Schuler, Lou, and Cassandra E. Forsythe. The New Rules of Lifting for Women: Lift like a Man, Look like a Goddess. New York: Avery, 2007. Print.

Got this from the library after seeing it mentioned somewhere (wish I could remember where – perhaps the Fit Fatties forum?).  I was prepared to ignore the diet sections but was afraid I’d be triggered by them, but fortunately they started off with things like “you probably aren’t eating enough”, “eat more protein” (but not that carbs are bad), and “eat five or six meals a day”.  That eased my mind.  The exercises seem basic but not easy; this is *real* weight lifting!  There’s a good variety and the workouts start fairly simple with only five exercises.  I have been sick for weeks with a string of colds, but I’ve done two partial workouts and enjoyed them.  I look forward to doing it more regularly.

Recommended by someone on the new message board I’m on, plus two friends were reading it for their book club.  Some of the reviews made me think I wouldn’t like it, but perhaps because they set my expectations low, I found I did like it.

It’s told as a series of emails from one man to another, after he finds his old friend has included him and elements of his life in a book he wrote.

Picked it up, read a chapter, almost returned it.  Picked it up again in the car another day and finished it within the hour.  Entertaining, very similar to the first two books; amazingly so, considering they are different authors.

I didn’t enjoy this as much as the first of her books I read, but perhaps I was only reading that one because I had to for book club.

About half-way through I got more interested and finished it quickly.

Book 2 of the 39 Clues series. Amazingly (I might even say annoyingly) like the first one, considering they have two different authors. I wouldn’t bother with the series except I like the fact that each book is written by a different author, and lots of them are authors I like.

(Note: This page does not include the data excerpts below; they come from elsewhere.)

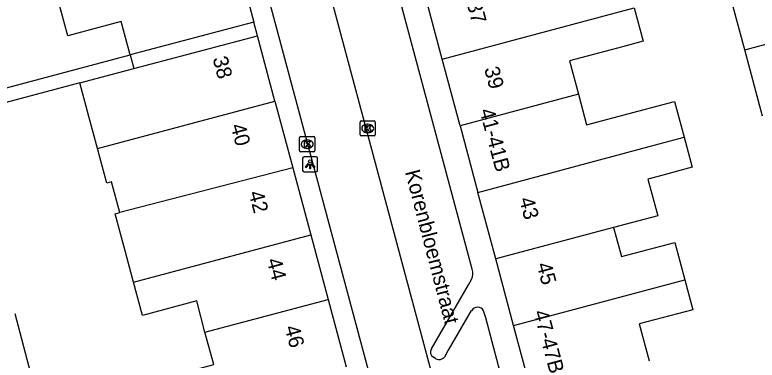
# Model space of a CAD drawing. Extents: x 162542 to 163144, y 380786 to 381511.
# Drawn here: x 162921.91 to 162971.22, y 380968.84 to 380991.8 of the extents above; entities that cross this region are included whole.
import ezdxf

# ---------------------------------------------------------------- set-up
doc = ezdxf.new("R2010")
doc.units = 0
for name, color, linetype in [('IMGEO_Kolk', 7, 'Continuous'), ('IMGEO_Lichtpunt', 7, 'Continuous'), ('IMGEO_Openbare_ruimte_label', 7, 'Continuous'), ('IMGEO_Pand', 7, 'Continuous'), ('IMGEO_Pand_nummerreeks', 7, 'Continuous'), ('IMGEO_Pand_overbouw', 7, 'Continuous'), ('IMGEO_Rijbaan_lokaal_open', 7, 'Continuous'), ('IMGEO_Voetpad_open', 7, 'Continuous')]:
    doc.layers.add(name, color=color, linetype=linetype)

msp = doc.modelspace()

# ---------------------------------------------------------------- linework, layer by layer
at = {"layer": 'IMGEO_Kolk'}
for p, q in [((162944.851, 380983.825), (162944.851, 380984.677)), ((162944.926, 380984.751), (162945.778, 380984.751)), ((162945.339, 380984.531), (162945.364, 380984.531)), ((162945.852, 380984.677), (162945.852, 380983.825)), ((162945.362, 380983.971), (162945.337, 380983.971)), ((162940.828, 380982.78), (162940.828, 380983.632)), ((162940.903, 380983.706), (162941.755, 380983.706)), ((162941.316, 380983.486), (162941.341, 380983.486)), ((162941.829, 380983.632), (162941.829, 380982.78)), ((162945.778, 380983.751), (162944.926, 380983.751)), ((162941.339, 380982.926), (162941.314, 380982.926)), ((162941.755, 380982.706), (162940.903, 380982.706))]:
    msp.add_line(p, q, dxfattribs=at)
for points in [[(162944.851, 380983.825), (162944.851, 380984.677)], [(162944.926, 380984.751), (162945.778, 380984.751)], [(162945.172, 380984.451), (162945.295, 380984.451), (162945.295, 380984.3), (162945.425, 380984.451), (162945.589, 380984.451), (162945.443, 380984.3), (162945.596, 380984.051), (162945.444, 380984.051), (162945.359, 380984.215), (162945.295, 380984.148), (162945.295, 380984.051), (162945.172, 380984.051), (162945.172, 380984.451)], [(162945.852, 380984.677), (162945.852, 380983.825)], [(162940.828, 380982.78), (162940.828, 380983.632)], [(162940.903, 380983.706), (162941.755, 380983.706)], [(162941.149, 380983.406), (162941.272, 380983.406), (162941.272, 380983.255), (162941.402, 380983.406), (162941.566, 380983.406), (162941.42, 380983.255), (162941.573, 380983.006), (162941.421, 380983.006), (162941.336, 380983.17), (162941.272, 380983.103), (162941.272, 380983.006), (162941.149, 380983.006), (162941.149, 380983.406)], [(162941.829, 380983.632), (162941.829, 380982.78)], [(162945.778, 380983.751), (162944.926, 380983.751)], [(162941.755, 380982.706), (162940.903, 380982.706)]]:
    msp.add_lwpolyline(points, dxfattribs=at)
for centre, start, end in [((162944.928, 380984.675), 91.552, 178.448), ((162944.928, 380984.675), 91.552, 178.448), ((162945.776, 380984.675), 1.552, 88.448), ((162945.776, 380984.675), 1.552, 88.448), ((162940.905, 380983.63), 91.552, 178.448), ((162940.905, 380983.63), 91.552, 178.448), ((162941.753, 380983.63), 1.552, 88.448), ((162941.753, 380983.63), 1.552, 88.448), ((162944.928, 380983.827), 181.552, 268.448), ((162944.928, 380983.827), 181.552, 268.448), ((162945.776, 380983.827), 271.552, 358.448), ((162945.776, 380983.827), 271.552, 358.448), ((162940.905, 380982.782), 181.552, 268.448), ((162940.905, 380982.782), 181.552, 268.448), ((162941.753, 380982.782), 271.552, 358.448), ((162941.753, 380982.782), 271.552, 358.448)]:
    msp.add_arc(centre, 0.0765, start, end, dxfattribs=at)
for centre, major_axis, ratio, start_param, end_param in [((162945.338, 380984.251), (-0.387, 0.002), 0.722429, 4.712389, 7.853982), ((162945.363, 380984.251), (-0.39, 0.002), 0.717154, 1.570796, 4.712389), ((162941.315, 380983.206), (-0.387, 0.002), 0.722429, 4.712389, 7.853982), ((162941.34, 380983.206), (-0.39, 0.002), 0.717154, 1.570796, 4.712389)]:
    msp.add_ellipse(centre, major_axis=major_axis, ratio=ratio, start_param=start_param, end_param=end_param, dxfattribs=at)
at = {"layer": 'IMGEO_Lichtpunt'}
for p, q in [((162941.026, 380982.265), (162941.026, 380981.458)), ((162941.026, 380982.265), (162941.026, 380981.458)), ((162941.928, 380982.36), (162941.12, 380982.36)), ((162941.928, 380982.36), (162941.12, 380982.36)), ((162942.022, 380981.458), (162942.022, 380982.265)), ((162942.022, 380981.458), (162942.022, 380982.265)), ((162941.12, 380981.364), (162941.928, 380981.364)), ((162941.12, 380981.364), (162941.928, 380981.364))]:
    msp.add_line(p, q, dxfattribs=at)
for points in [[(162941.4, 380981.929), (162941.439, 380981.901), (162941.251, 380981.639), (162941.213, 380981.666), (162941.4, 380981.929)], [(162941.502, 380981.881), (162941.549, 380981.881), (162941.549, 380981.559), (162941.502, 380981.559), (162941.502, 380981.881)], [(162941.612, 380981.901), (162941.65, 380981.928), (162941.837, 380981.666), (162941.798, 380981.638), (162941.612, 380981.901)]]:
    msp.add_lwpolyline(points, dxfattribs=at)
msp.add_circle((162941.525, 380982.063), 0.0994, dxfattribs=at)
for centre, start, end in [((162941.12, 380982.265), 90, 180), ((162941.12, 380982.265), 90, 180), ((162941.928, 380982.265), 0, 90), ((162941.928, 380982.265), 0, 90), ((162941.12, 380981.458), 180, 270), ((162941.12, 380981.458), 180, 270), ((162941.928, 380981.458), 270, 0), ((162941.928, 380981.458), 270, 360)]:
    msp.add_arc(centre, 0.0946, start, end, dxfattribs=at)
at = {"layer": 'IMGEO_Pand'}
for points in [[(162936.581, 380995.826), (162937.785, 380991.327)], [(162970.393, 380989.486), (162969.209, 380993.916)], [(162950.301, 380988.859), (162949.117, 380993.289)], [(162929.567, 380989.141), (162928.975, 380991.357), (162925.43, 380990.411), (162924.82, 380992.696)], [(162950.301, 380988.859), (162963.058, 380992.271)], [(162963.058, 380992.271), (162963.651, 380990.049), (162962.285, 380989.684), (162958.751, 380988.741), (162959.341, 380986.53)], [(162937.785, 380991.327), (162929.567, 380989.141)], [(162926.238, 380987.285), (162929.808, 380988.238), (162938.029, 380990.415)], [(162939.191, 380986.073), (162938.029, 380990.415)], [(162970.393, 380989.486), (162972.54, 380990.06)], [(162971.576, 380985.057), (162970.393, 380989.486)], [(162951.486, 380984.429), (162950.301, 380988.859)], [(162927.403, 380982.919), (162926.836, 380985.044), (162926.238, 380987.285)], [(162959.341, 380986.53), (162951.486, 380984.429)], [(162959.341, 380986.53), (162959.888, 380984.481), (162963.384, 380985.414), (162965.739, 380986.043), (162966.37, 380983.677)], [(162927.403, 380982.919), (162939.191, 380986.073)], [(162939.191, 380986.073), (162940.379, 380981.636)], [(162951.486, 380984.429), (162952.671, 380980)], [(162952.671, 380980), (162964.035, 380983.04), (162966.37, 380983.677)], [(162966.37, 380983.677), (162966.906, 380981.666), (162964.551, 380981.038), (162963.963, 380980.881), (162964.612, 380978.448), (162961.681, 380977.664)], [(162928.882, 380978.652), (162928.336, 380980.699), (162928.018, 380980.614), (162927.403, 380982.919)], [(162940.379, 380981.636), (162928.882, 380978.652)], [(162940.379, 380981.636), (162941.572, 380977.176)], [(162953.855, 380975.571), (162952.671, 380980)], [(162929.789, 380974.039), (162929.173, 380976.349), (162928.58, 380978.573), (162928.882, 380978.652)], [(162961.681, 380977.664), (162953.855, 380975.571)], [(162961.681, 380977.664), (162962.197, 380975.728), (162965.748, 380976.675), (162966.413, 380974.183)], [(162929.789, 380974.039), (162941.572, 380977.176)], [(162941.572, 380977.176), (162942.72, 380972.887)], [(162955.04, 380971.141), (162953.855, 380975.571)], [(162934.542, 380970.709), (162933.989, 380972.783), (162930.381, 380971.821), (162929.789, 380974.039)], [(162955.04, 380971.141), (162966.413, 380974.183)], [(162966.413, 380974.183), (162966.943, 380972.196), (162963.39, 380971.248), (162964.042, 380968.803)], [(162934.542, 380970.709), (162942.72, 380972.887)], [(162942.72, 380972.887), (162943.922, 380968.397)], [(162921.91, 380971.941), (162923.04, 380967.646)], [(162956.224, 380966.712), (162955.04, 380971.141)], [(162932.139, 380965.259), (162931.518, 380967.588), (162935.118, 380968.549), (162934.542, 380970.709)]]:
    msp.add_lwpolyline(points, dxfattribs=at)
at = {"layer": 'IMGEO_Pand_overbouw'}
msp.add_lwpolyline([(162938.029, 380990.415), (162937.785, 380991.327), (162929.567, 380989.141), (162929.808, 380988.238)], close=True, dxfattribs=at)
at = {"layer": 'IMGEO_Rijbaan_lokaal_open'}
for points in [[(162949.301, 380953.613), (162937.085, 380999.244), (162935.911, 381003.519), (162933.706, 381011.552), (162932.068, 381018.083)], [(162937.182, 381014.315), (162952.035, 380958.794), (162952.371, 380957.505)]]:
    msp.add_lwpolyline(points, dxfattribs=at)
at = {"layer": 'IMGEO_Voetpad_open'}
for points in [[(162952.294, 380974.883), (162944.054, 381005.688), (162943.849, 381006.417)], [(162938.029, 380990.415), (162937.785, 380991.327)], [(162919.001, 380986.33), (162929.567, 380989.141)], [(162926.238, 380987.285), (162916.32, 380984.64), (162916.367, 380984.462)], [(162949.584, 380969.606), (162952.049, 380973.856), (162952.251, 380974.214)], [(162952.253, 380972.12), (162952.228, 380972.149), (162950.696, 380969.498), (162950.446, 380969.052)], [(162955.294, 380963.679), (162953.201, 380971.654), (162953.049, 380972.123)], [(162949.875, 380968.927), (162949.711, 380969.032)]]:
    msp.add_lwpolyline(points, dxfattribs=at)
for centre, radius, start, end in [((162951.353, 380974.608), 0.98, 336.3313, 16.3134), ((162952.652, 380971.93), 0.442, 25.9584, 154.4734), ((162949.937, 380969.383), 0.417, 147.7, 237.2519), ((162950.078, 380969.366), 0.484, 245.2018, 319.4943)]:
    msp.add_arc(centre, radius, start, end, dxfattribs=at)

# ---------------------------------------------------------------- texts
at = {"layer": 'IMGEO_Openbare_ruimte_label'}
msp.add_text('Korenbloemstraat', height=1, rotation=284.6619, dxfattribs=at).set_placement((162947.822, 380981.365))
at = {"layer": 'IMGEO_Pand_nummerreeks'}
for s, rotation, p in [('37', 284.9718, (162951.918, 380992.568)), ('38', 284.9826, (162935.039, 380988.904)), ('39', 284.9718, (162953.079, 380988.227)), ('41-41B', 284.9769, (162952.767, 380985.445)), ('40', 284.983, (162936.235, 380984.433)), ('42', 284.983, (162937.429, 380979.968)), ('43', 284.9718, (162955.4, 380979.546)), ('44', 284.983, (162938.627, 380975.494)), ('45', 284.9718, (162956.561, 380975.205)), ('47-47B', 284.9654, (162956.352, 380972.041)), ('46', 284.983, (162939.823, 380971.023))]:
    msp.add_text(s, height=1, rotation=rotation, dxfattribs=at).set_placement(p)

doc.saveas('drawing.dxf')

Book #1 of the series “The 39 Clues”.

Fast-paced, enjoyable.  The old and rich Grace Cahill dies and leaves an improbable will letting her relatives join a mystery clue-chase.  Her young favourites, Amy and Dan, join the chase and are competing against other relatives who are willing to set fires and detonate bombs to get ahead.  Nobody dies, but the violence is more than I would like.

There’s plenty of history, for example, about Benjamin Franklin, which as far as I know is accurate.  It makes sense and is needed in the narrative, in a way that will make kids remember it, I believe.

Rick Riordan wrote the “Percy Jackson” series, which my son enjoyed.  I like the fact that the books in this series will be written by different authors that I like; that will be enough to keep me reading through them.

I resisted reading this for a long time.  I said that it didn’t sound interesting, or relevant to me, or some such thing.  When I finally picked it up (from our local Little Free Library) and opened it, I recognized a sense of dread.  Turns out I’d been afraid to read it.

I needn’t have been.  It’s wrenching and awful, yes, but somehow funny and passionate at the same time.  Walls never asks for sympathy; she just tells it like it was.  It’s a fascinating portrayal of family life completely unlike what I experienced growing up.  She’s a wonderful storyteller, and I finished the book in a day or two.

A book like this shows me how everyone I meet has their own unimaginable story, and reminds me that we all have u“>nmet needs, some recent, some a lifetime old.

After finding and reading one Agatha Christie on Gutenberg.org, I put this on hold at the library, since it seemed to be Christie’s most famous work.  I enjoyed it, reading it in one sitting.  I didn’t manage to guess “whodunnit”, but I didn’t expect to, not being an expert in the genre.

Recommended.

I enjoyed this book a lot more than I expected to.  As an experienced knitter on my way to become a Master Hand Knitter, I don’t ignore beginner’s books, but I don’t generally find anything new in them.  This one impressed me by not leaving out all the ‘extra’ stuff that a lot of books think beginners don’t need.  By focusing only on the knit stitch (not even purling!), she can include all kinds of little touches and details that make a knitted garment outstanding.  I mean things like how to start and end a row, or exactly how to make a buttonhole that will work well for a certain garment.

I actually found it because I was looking on Ravelry.com for a certain type of jacket I wanted to knit.  I found something pretty close, which turned out to be the Einstein Coat in this book.  I’m about a quarter of the way through an enjoyable garter stitch project, which I never thought I would do!  The plain, flat fabric of garter stitch turns out to be the best way to show off the crazy colours of variegated wool I bought at fire-sale prices from KnitPicks.

I recently bought myself a Kobo Vox, and I’ve read several books on it without having figured out how to track them.  I’m not even sure when I’m reading a “book”, to tell the truth, which makes things confusing.

For example; this turned out to be something that I’d read before, because it’s one of the four in Alcott’s “Behind a Mask”.  However, I read it again and enjoyed it.

At under 20,000 words I’m not sure if it’s long enough to be called a novella, but it was longer than a short story, I’d say.